# Riding Tahoe



## JM714 (Jan 22, 2004)

So I'll be in Tahoe (Kings Beach) for a week at the end of the month. Any suggestions on rides/routes, 30-40 miles in distance? Anyone ride a lap around the lake? Do you recommend it or is it a bit sketchy with the narrow shoulder?

Thanks.


----------



## johnny99 (Apr 2, 2004)

Lots of people ride around Lake Tahoe. You do need some confidence and road skill for this ride since there is fast traffic and no shoulders in some sections. Tourist traffic does drop off quite a bit after Labor Day.

For shorter route recommendations, try www.tahoebike.org


----------



## slitespd (Nov 2, 2004)

Ride to 267 and up and over Brockway, go left on Brockway Rd. in Truckee, left on W. River Street, left on 89, left at the 89- 28 junction back into King Beach. Good climb over Brockway, a nice downhill to Truckee and a cruise back into Kings Beach. A very nice loop.

Enjoy....................I wanna go!!


----------



## sometimerider (Sep 21, 2007)

If you do want to do the Tahoe circuit, about 72 miles, Here's a map I made, which happens to start in Incline Village, but can be adjusted for any starting point.

If you do the ride on a weekday, the traffic isn't too bad. There's a decent shoulder almost everywhere. (Unfortunately, the road repair guys sometimes put mammoth barriers (to mark work that isn't being done...) right in the bike path.
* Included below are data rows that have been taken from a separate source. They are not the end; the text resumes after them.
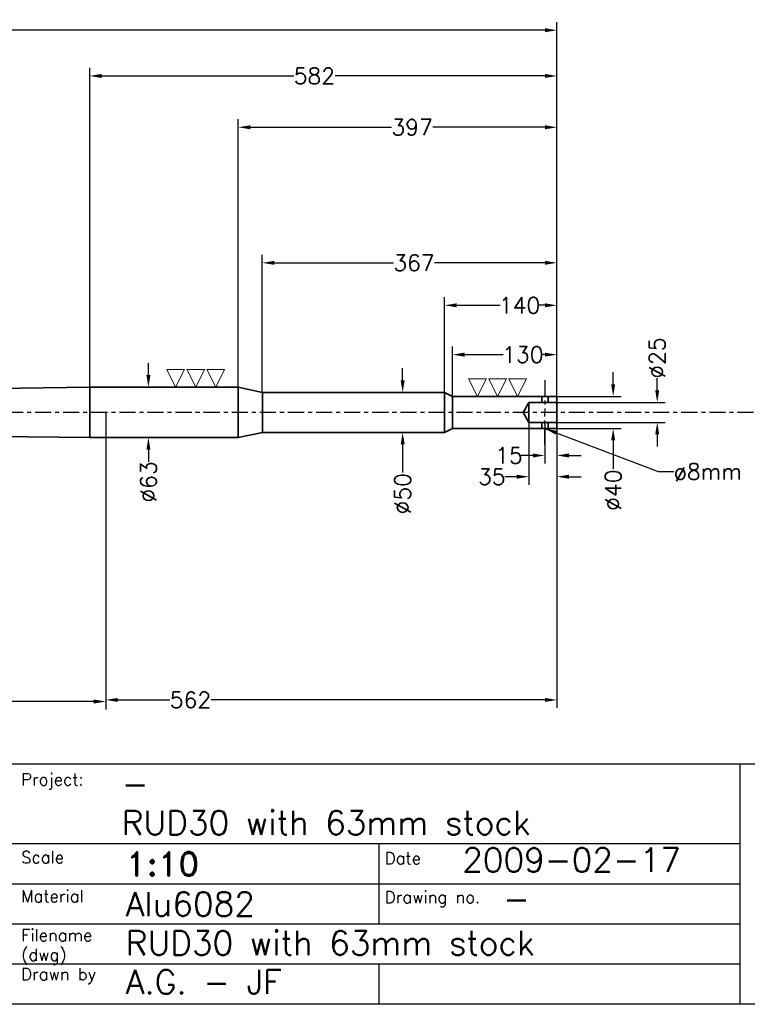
# Model space of a CAD drawing. Header units: millimetres. Extents: x -21605 to -18755, y -21786 to -19786.
# Tile 2 of 4: x -20202 to -19296, y -21736 to -20508. Entities that reach past the tile are written whole.
import ezdxf

# ---------------------------------------------------------------- set-up
doc = ezdxf.new("R2010")
doc.units = ezdxf.units.MM
doc.header["$LTSCALE"] = 5
doc.header["$PDMODE"] = 34
doc.header["$PDSIZE"] = 3
doc.linetypes.add('CENTER', pattern=[7, 4, -1, 1, -1])
for name, color, linetype in [('Blade', 1, 'Continuous'), ('center', 6, 'CENTER'), ('RAMME', 7, 'Continuous')]:
    doc.layers.add(name, color=color, linetype=linetype)
doc.layers.add('DIMS', color=7, linetype='Continuous', lineweight=15)
doc.layers.add('STOCK', color=5, linetype='Continuous', lineweight=35)
doc.styles.add('ROMAND', font='romand')
doc.styles.add('ROMANS', font='romans')
doc.dimstyles.new('Text 20', dxfattribs={"dimtxt": 20, "dimasz": 15, "dimexe": 10, "dimexo": 0, "dimgap": 0, "dimtad": 0, "dimdsep": 46, "dimtxsty": 'ROMANS', "dimcen": 10, "dimazin": 2, "dimtfac": 0.65, "dimtofl": 0, "dimtmove": 0, "dimatfit": 0, "dimfxl": 0, "dimtolj": 1, "dimarcsym": 0})

# ---------------------------------------------------------------- blocks, each defined once
blk = doc.blocks.new('RUD30')
at = {"layer": 'center'}
blk.add_line((946.9, 0), (-972.3, 0), dxfattribs=at)
blk = doc.blocks.new('*D5')
at = {"layer": 'DEFPOINTS', "color": 0}
for p in [(-19533.2, -20521.4), (-19533.2, -20977.9), (-20945.2, -20997.9)]:
    blk.add_point(p, dxfattribs=at)
at = {"layer": 'DIMS', "color": 0, "lineweight": -2}
for p, q in [((-20945.2, -20997.9), (-20945.2, -20511.4)), ((-19533.2, -20977.9), (-19533.2, -20511.4)), ((-20930.2, -20521.4), (-20480, -20521.4)), ((-19548.2, -20521.4), (-20412.4, -20521.4))]:
    blk.add_line(p, q, dxfattribs=at)
at = {"layer": 'DIMS', "color": 0}
for points in [[(-20930.2, -20518.9), (-20930.2, -20523.9), (-20945.2, -20521.4)], [(-19548.2, -20518.9), (-19548.2, -20523.9), (-19533.2, -20521.4)]]:
    blk.add_solid(points, dxfattribs=at)
at = {"layer": 'DIMS', "color": 0, "insert": (-20446.2, -20521.4), "char_height": 20, "attachment_point": 5, "style": 'ROMANS'}
blk.add_mtext('\\A1;1412', dxfattribs=at)
blk = doc.blocks.new('*D8')
at = {"layer": 'DEFPOINTS', "color": 0}
for p in [(-20115.2, -20578.4), (-20115.2, -20966.4), (-19533.2, -20977.9)]:
    blk.add_point(p, dxfattribs=at)
at = {"layer": 'DIMS', "color": 0, "lineweight": -2}
for p, q in [((-20115.2, -20966.4), (-20115.2, -20568.4)), ((-19533.2, -20977.9), (-19533.2, -20568.4)), ((-20100.2, -20578.4), (-19861, -20578.4)), ((-19548.2, -20578.4), (-19809.6, -20578.4))]:
    blk.add_line(p, q, dxfattribs=at)
at = {"layer": 'DIMS', "color": 0}
for points in [[(-20100.2, -20575.9), (-20100.2, -20580.9), (-20115.2, -20578.4)], [(-19548.2, -20575.9), (-19548.2, -20580.9), (-19533.2, -20578.4)]]:
    blk.add_solid(points, dxfattribs=at)
at = {"layer": 'DIMS', "color": 0, "insert": (-19835.3, -20578.4), "char_height": 20, "attachment_point": 5, "style": 'ROMANS'}
blk.add_mtext('\\A1;582', dxfattribs=at)
blk = doc.blocks.new('*D9')
at = {"layer": 'DEFPOINTS', "color": 0}
for p in [(-19930.2, -20642.4), (-19930.2, -20966.4), (-19533.2, -20977.9)]:
    blk.add_point(p, dxfattribs=at)
at = {"layer": 'DIMS', "color": 0, "lineweight": -2}
for p, q in [((-19930.2, -20966.4), (-19930.2, -20632.4)), ((-19533.2, -20977.9), (-19533.2, -20632.4)), ((-19915.2, -20642.4), (-19739.3, -20642.4)), ((-19548.2, -20642.4), (-19687.9, -20642.4))]:
    blk.add_line(p, q, dxfattribs=at)
at = {"layer": 'DIMS', "color": 0}
for points in [[(-19915.2, -20639.9), (-19915.2, -20644.9), (-19930.2, -20642.4)], [(-19548.2, -20639.9), (-19548.2, -20644.9), (-19533.2, -20642.4)]]:
    blk.add_solid(points, dxfattribs=at)
at = {"layer": 'DIMS', "color": 0, "insert": (-19713.6, -20642.4), "char_height": 20, "attachment_point": 5, "style": 'ROMANS'}
blk.add_mtext('\\A1;397', dxfattribs=at)
blk = doc.blocks.new('*D10')
at = {"layer": 'DEFPOINTS', "color": 0}
for p in [(-19663.2, -20925.9), (-19663.2, -20977.9), (-19533.2, -20977.9)]:
    blk.add_point(p, dxfattribs=at)
at = {"layer": 'DIMS', "color": 0, "lineweight": -2}
for p, q in [((-19663.2, -20977.9), (-19663.2, -20915.9)), ((-19533.2, -20977.9), (-19533.2, -20915.9)), ((-19648.2, -20925.9), (-19600, -20925.9)), ((-19548.2, -20925.9), (-19551.4, -20925.9))]:
    blk.add_line(p, q, dxfattribs=at)
at = {"layer": 'DIMS', "color": 0}
for points in [[(-19648.2, -20923.4), (-19648.2, -20928.4), (-19663.2, -20925.9)], [(-19548.2, -20923.4), (-19548.2, -20928.4), (-19533.2, -20925.9)]]:
    blk.add_solid(points, dxfattribs=at)
at = {"layer": 'DIMS', "color": 0, "insert": (-19575.7, -20925.9), "char_height": 20, "attachment_point": 5, "style": 'ROMANS'}
blk.add_mtext('\\A1;130', dxfattribs=at)
blk = doc.blocks.new('*D11')
at = {"layer": 'DEFPOINTS', "color": 0}
for p in [(-19673.2, -20864.4), (-19673.2, -20972.9), (-19533.2, -20977.9)]:
    blk.add_point(p, dxfattribs=at)
at = {"layer": 'DIMS', "color": 0, "lineweight": -2}
for p, q in [((-19673.2, -20972.9), (-19673.2, -20854.4)), ((-19533.2, -20977.9), (-19533.2, -20854.4)), ((-19658.2, -20864.4), (-19604, -20864.4)), ((-19548.2, -20864.4), (-19555.4, -20864.4))]:
    blk.add_line(p, q, dxfattribs=at)
at = {"layer": 'DIMS', "color": 0}
for points in [[(-19658.2, -20861.9), (-19658.2, -20866.9), (-19673.2, -20864.4)], [(-19548.2, -20861.9), (-19548.2, -20866.9), (-19533.2, -20864.4)]]:
    blk.add_solid(points, dxfattribs=at)
at = {"layer": 'DIMS', "color": 0, "insert": (-19579.7, -20864.4), "char_height": 20, "attachment_point": 5, "style": 'ROMANS'}
blk.add_mtext('\\A1;140', dxfattribs=at)
blk = doc.blocks.new('*D12')
at = {"layer": 'DEFPOINTS', "color": 0}
for p in [(-19900.2, -20811.4), (-19900.2, -20972.9), (-19533.2, -20977.9)]:
    blk.add_point(p, dxfattribs=at)
at = {"layer": 'DIMS', "color": 0, "lineweight": -2}
for p, q in [((-19900.2, -20972.9), (-19900.2, -20801.4)), ((-19533.2, -20977.9), (-19533.2, -20801.4)), ((-19885.2, -20811.4), (-19737, -20811.4)), ((-19548.2, -20811.4), (-19685.6, -20811.4))]:
    blk.add_line(p, q, dxfattribs=at)
at = {"layer": 'DIMS', "color": 0}
for points in [[(-19885.2, -20808.9), (-19885.2, -20813.9), (-19900.2, -20811.4)], [(-19548.2, -20808.9), (-19548.2, -20813.9), (-19533.2, -20811.4)]]:
    blk.add_solid(points, dxfattribs=at)
at = {"layer": 'DIMS', "color": 0, "insert": (-19711.3, -20811.4), "char_height": 20, "attachment_point": 5, "style": 'ROMANS'}
blk.add_mtext('\\A1;367', dxfattribs=at)
blk = doc.blocks.new('*D13')
at = {"layer": 'DEFPOINTS', "color": 0}
for p in [(-19533.2, -20977.9), (-19533.2, -21017.9), (-19463.2, -21017.9)]:
    blk.add_point(p, dxfattribs=at)
at = {"layer": 'DIMS', "color": 0, "lineweight": -2}
for p, q in [((-19463.2, -20962.9), (-19463.2, -20947.9)), ((-19533.2, -20977.9), (-19453.2, -20977.9)), ((-19533.2, -21017.9), (-19453.2, -21017.9)), ((-19463.2, -21032.9), (-19463.2, -21068.2))]:
    blk.add_line(p, q, dxfattribs=at)
at = {"layer": 'DIMS', "color": 0}
for points in [[(-19465.7, -20962.9), (-19460.7, -20962.9), (-19463.2, -20977.9)], [(-19465.7, -21032.9), (-19460.7, -21032.9), (-19463.2, -21017.9)]]:
    blk.add_solid(points, dxfattribs=at)
at = {"layer": 'DIMS', "color": 0, "insert": (-19463.2, -21094.9), "char_height": 20, "attachment_point": 5, "rotation": 90, "style": 'ROMANS'}
blk.add_mtext('\\A1;%%C40', dxfattribs=at)
blk = doc.blocks.new('*D14')
at = {"layer": 'DEFPOINTS', "color": 0}
for p in [(-19673.2, -20972.9), (-19725.4, -21022.9), (-19673.2, -21022.9)]:
    blk.add_point(p, dxfattribs=at)
at = {"layer": 'DIMS', "color": 0, "lineweight": -2}
for p, q in [((-19725.4, -20957.9), (-19725.4, -20942.9)), ((-19673.2, -20972.9), (-19735.4, -20972.9)), ((-19673.2, -21022.9), (-19735.4, -21022.9)), ((-19725.4, -21037.9), (-19725.4, -21072.7))]:
    blk.add_line(p, q, dxfattribs=at)
at = {"layer": 'DIMS', "color": 0}
for points in [[(-19727.9, -20957.9), (-19722.9, -20957.9), (-19725.4, -20972.9)], [(-19727.9, -21037.9), (-19722.9, -21037.9), (-19725.4, -21022.9)]]:
    blk.add_solid(points, dxfattribs=at)
at = {"layer": 'DIMS', "color": 0, "insert": (-19725.4, -21099.4), "char_height": 20, "attachment_point": 5, "rotation": 90, "style": 'ROMANS'}
blk.add_mtext('\\A1;%%C50', dxfattribs=at)
blk = doc.blocks.new('*D15')
at = {"layer": 'DEFPOINTS', "color": 0}
for p in [(-19930.2, -20966.4), (-20042.1, -21029.4), (-19930.2, -21029.4)]:
    blk.add_point(p, dxfattribs=at)
at = {"layer": 'DIMS', "color": 0, "lineweight": -2}
for p, q in [((-20042.1, -20951.4), (-20042.1, -20936.4)), ((-19930.2, -20966.4), (-20052.1, -20966.4)), ((-19930.2, -21029.4), (-20052.1, -21029.4)), ((-20042.1, -21044.4), (-20042.1, -21059.4))]:
    blk.add_line(p, q, dxfattribs=at)
at = {"layer": 'DIMS', "color": 0}
for points in [[(-20044.6, -20951.4), (-20039.6, -20951.4), (-20042.1, -20966.4)], [(-20044.6, -21044.4), (-20039.6, -21044.4), (-20042.1, -21029.4)]]:
    blk.add_solid(points, dxfattribs=at)
at = {"layer": 'DIMS', "color": 0, "insert": (-20042.1, -21084.6), "char_height": 20, "attachment_point": 5, "rotation": 90, "style": 'ROMANS'}
blk.add_mtext('\\A1;%%C63', dxfattribs=at)
blk = doc.blocks.new('*D17')
at = {"layer": 'DEFPOINTS', "color": 0}
for p in [(-20095.2, -20997.9), (-19533.2, -21017.9), (-20095.2, -21356.4)]:
    blk.add_point(p, dxfattribs=at)
at = {"layer": 'DIMS', "color": 0, "lineweight": -2}
for p, q in [((-20095.2, -20997.9), (-20095.2, -21366.4)), ((-19533.2, -21017.9), (-19533.2, -21366.4)), ((-20080.2, -21356.4), (-20015.4, -21356.4)), ((-19548.2, -21356.4), (-19964, -21356.4))]:
    blk.add_line(p, q, dxfattribs=at)
at = {"layer": 'DIMS', "color": 0}
for points in [[(-20080.2, -21353.9), (-20080.2, -21358.9), (-20095.2, -21356.4)], [(-19548.2, -21353.9), (-19548.2, -21358.9), (-19533.2, -21356.4)]]:
    blk.add_solid(points, dxfattribs=at)
at = {"layer": 'DIMS', "color": 0, "insert": (-19989.7, -21356.4), "char_height": 20, "attachment_point": 5, "style": 'ROMANS'}
blk.add_mtext('\\A1;562', dxfattribs=at)
blk = doc.blocks.new('*D20')
at = {"layer": 'DEFPOINTS', "color": 0}
for p in [(-21061.8, -20804.6), (-20808.6, -20937.9), (-20885.1, -20981.4), (-21067.5, -20997.9), (-19686.3, -20997.9)]:
    blk.add_point(p, dxfattribs=at)
at = {"layer": 'DIMS', "color": 0, "lineweight": -2}
for start, end in [(95.5847, 124.8413), (10.1396, 39.3962)]:
    blk.add_arc((-20868.6, -20997.9), 84.9, start, end, dxfattribs=at)
at = {"layer": 'DIMS', "color": 0}
for points in [[(-20915.5, -20930.2), (-20918.7, -20926.3), (-20928.6, -20937.9)], [(-20782.6, -20982.7), (-20787.6, -20983.2), (-20783.8, -20997.9)]]:
    blk.add_solid(points, dxfattribs=at)
at = {"layer": 'DIMS', "color": 0, "insert": (-20836.1, -20919.5), "char_height": 20, "attachment_point": 5, "rotation": 337.4904, "style": 'ROMANS'}
blk.add_mtext('\\A1;134.98°', dxfattribs=at)
blk = doc.blocks.new('SLETDREJ')
at = {"layer": 'DIMS'}
for p, q in [((-14, 22), (-36, 22)), ((-36, 22), (-25, 0)), ((-14, 22), (-25, 0)), ((-11, 22), (0, 0)), ((11, 22), (-11, 22)), ((11, 22), (0, 0)), ((14, 22), (25, 0)), ((36, 22), (14, 22)), ((36, 22), (25, 0))]:
    blk.add_line(p, q, dxfattribs=at)
blk = doc.blocks.new('*D24')
at = {"layer": 'DEFPOINTS', "color": 0}
for p in [(-20945.2, -20997.9), (-20095.2, -20997.9), (-20945.2, -21358.4)]:
    blk.add_point(p, dxfattribs=at)
at = {"layer": 'DIMS', "color": 0, "lineweight": -2}
for p, q in [((-20945.2, -20997.9), (-20945.2, -21368.4)), ((-20095.2, -20997.9), (-20095.2, -21368.4)), ((-20930.2, -21358.4), (-20741.4, -21358.4)), ((-20110.2, -21358.4), (-20690, -21358.4))]:
    blk.add_line(p, q, dxfattribs=at)
at = {"layer": 'DIMS', "color": 0}
for points in [[(-20930.2, -21355.9), (-20930.2, -21360.9), (-20945.2, -21358.4)], [(-20110.2, -21355.9), (-20110.2, -21360.9), (-20095.2, -21358.4)]]:
    blk.add_solid(points, dxfattribs=at)
at = {"layer": 'DIMS', "color": 0, "insert": (-20715.7, -21358.4), "char_height": 20, "attachment_point": 5, "style": 'ROMANS'}
blk.add_mtext('\\A1;850', dxfattribs=at)
blk = doc.blocks.new('25mm emergency hole')
for p, q in [((-35, 12.5), (-42, 0)), ((0, 12.5), (-35, 12.5)), ((-35, 12.5), (-35, 0)), ((-19, 20), (-19, 12.5)), ((-11, 20), (-11, 12.5)), ((-35, -12.5), (-42, 0)), ((-35, -12.5), (-35, 0)), ((0, -12.5), (-35, -12.5)), ((-19, -20), (-19, -12.5)), ((-11, -20), (-11, -12.5))]:
    blk.add_line(p, q)
at = {"layer": 'center'}
for p in [(-15, 40), (-15, -40)]:
    blk.add_line(p, (-15, 0), dxfattribs=at)
blk = doc.blocks.new('*D29')
at = {"layer": 'DEFPOINTS', "color": 0}
for p in [(-19533.2, -20985.4), (-19408.3, -20985.4), (-19533.2, -21010.4)]:
    blk.add_point(p, dxfattribs=at)
at = {"layer": 'DIMS', "color": 0, "lineweight": -2}
for p, q in [((-19408.3, -20970.4), (-19408.3, -20955.4)), ((-19533.2, -20985.4), (-19398.3, -20985.4)), ((-19533.2, -21010.4), (-19398.3, -21010.4)), ((-19408.3, -21025.4), (-19408.3, -21040.4))]:
    blk.add_line(p, q, dxfattribs=at)
at = {"layer": 'DIMS', "color": 0}
for points in [[(-19410.8, -20970.4), (-19405.8, -20970.4), (-19408.3, -20985.4)], [(-19410.8, -21025.4), (-19405.8, -21025.4), (-19408.3, -21010.4)]]:
    blk.add_solid(points, dxfattribs=at)
at = {"layer": 'DIMS', "color": 0, "insert": (-19408.3, -20930.2), "char_height": 20, "attachment_point": 5, "rotation": 90, "style": 'ROMANS'}
blk.add_mtext('\\A1;%%C25', dxfattribs=at)
blk = doc.blocks.new('*D30')
at = {"layer": 'DEFPOINTS', "color": 0}
for p in [(-19548.2, -21010.4), (-19533.2, -21010.4), (-19548.2, -21051.6)]:
    blk.add_point(p, dxfattribs=at)
at = {"layer": 'DIMS', "color": 0, "lineweight": -2}
for p, q in [((-19548.2, -21010.4), (-19548.2, -21061.6)), ((-19533.2, -21010.4), (-19533.2, -21061.6)), ((-19563.2, -21051.6), (-19578.2, -21051.6)), ((-19518.2, -21051.6), (-19503.2, -21051.6))]:
    blk.add_line(p, q, dxfattribs=at)
at = {"layer": 'DIMS', "color": 0}
for points in [[(-19563.2, -21049.1), (-19563.2, -21054.1), (-19548.2, -21051.6)], [(-19518.2, -21049.1), (-19518.2, -21054.1), (-19533.2, -21051.6)]]:
    blk.add_solid(points, dxfattribs=at)
at = {"layer": 'DIMS', "color": 0, "insert": (-19593, -21051.6), "char_height": 20, "attachment_point": 5, "style": 'ROMANS'}
blk.add_mtext('\\A1;15', dxfattribs=at)
blk = doc.blocks.new('*D31')
at = {"layer": 'DEFPOINTS', "color": 0}
for p in [(-19568.2, -20997.9), (-19533.2, -21010.4), (-19568.2, -21078.1)]:
    blk.add_point(p, dxfattribs=at)
at = {"layer": 'DIMS', "color": 0, "lineweight": -2}
for p, q in [((-19568.2, -20997.9), (-19568.2, -21088.1)), ((-19533.2, -21010.4), (-19533.2, -21088.1)), ((-19583.2, -21078.1), (-19598.2, -21078.1)), ((-19518.2, -21078.1), (-19503.2, -21078.1))]:
    blk.add_line(p, q, dxfattribs=at)
at = {"layer": 'DIMS', "color": 0}
for points in [[(-19583.2, -21075.6), (-19583.2, -21080.6), (-19568.2, -21078.1)], [(-19518.2, -21075.6), (-19518.2, -21080.6), (-19533.2, -21078.1)]]:
    blk.add_solid(points, dxfattribs=at)
at = {"layer": 'DIMS', "color": 0, "insert": (-19614.4, -21078.1), "char_height": 20, "attachment_point": 5, "style": 'ROMANS'}
blk.add_mtext('\\A1;35', dxfattribs=at)

msp = doc.modelspace()

# ---------------------------------------------------------------- linework, layer by layer
at = {"layer": 'center'}
msp.add_line((-19533.194, -20997.899), (-20995.194, -20997.899), dxfattribs=at)
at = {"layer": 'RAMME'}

That's what I consider the most dangerous sections.) In addition, much of the west and north sides of the lake has a parallel bike path, if you prefer.


----------



## Ridgetop (Mar 1, 2005)

JM, if you want someone to ride with you and I happen to be around drop me a PM or if you just want specific info. I'll show you whatever route you want. If you want to ride I can do weekends or a day during the week with enough warning. I live in Reno but ride Tahoe quite a bit. Let me know.

As far as riding around the lake it is better midweek than weekends this time of year do to looky loo tourists, but it is still doable if you don't mind the close proximity of the cars. The 267 route is good and another good one is to ride from Squaw Valley down to Truckee, from Truckee around Donner Lake and then up to Sugar Bowl Ski. You can continue on through Soda Springs if you want more mileage. If you want a pure climbing experience then Incline up to the top of Mt. Rose and back is good. Anyway, let me know if you need more details.

Ridgetop


----------



## stumpy_steve (Nov 5, 2006)

im staying in incline village as we speak. did a 25mi ride today out of incline on 431 into mt rose and back, totaling about 2300ft in climbing. it was a total blast, and plan on doing it again if my legs hold up! you climb for about 5 miles, descend for 7 miles, get to mt rose park lot, climb back up for 7, and descend for another 5.


----------



## Ridgetop (Mar 1, 2005)

That's a great ride. Mt. Rose is awesome for both the climb and the incredible views. Some of the best of the lake around.


----------



## robwh9 (Sep 2, 2004)

*mountain bike...*



Ridgetop said:


> That's a great ride. Mt. Rose is awesome for both the climb and the incredible views. Some of the best of the lake around.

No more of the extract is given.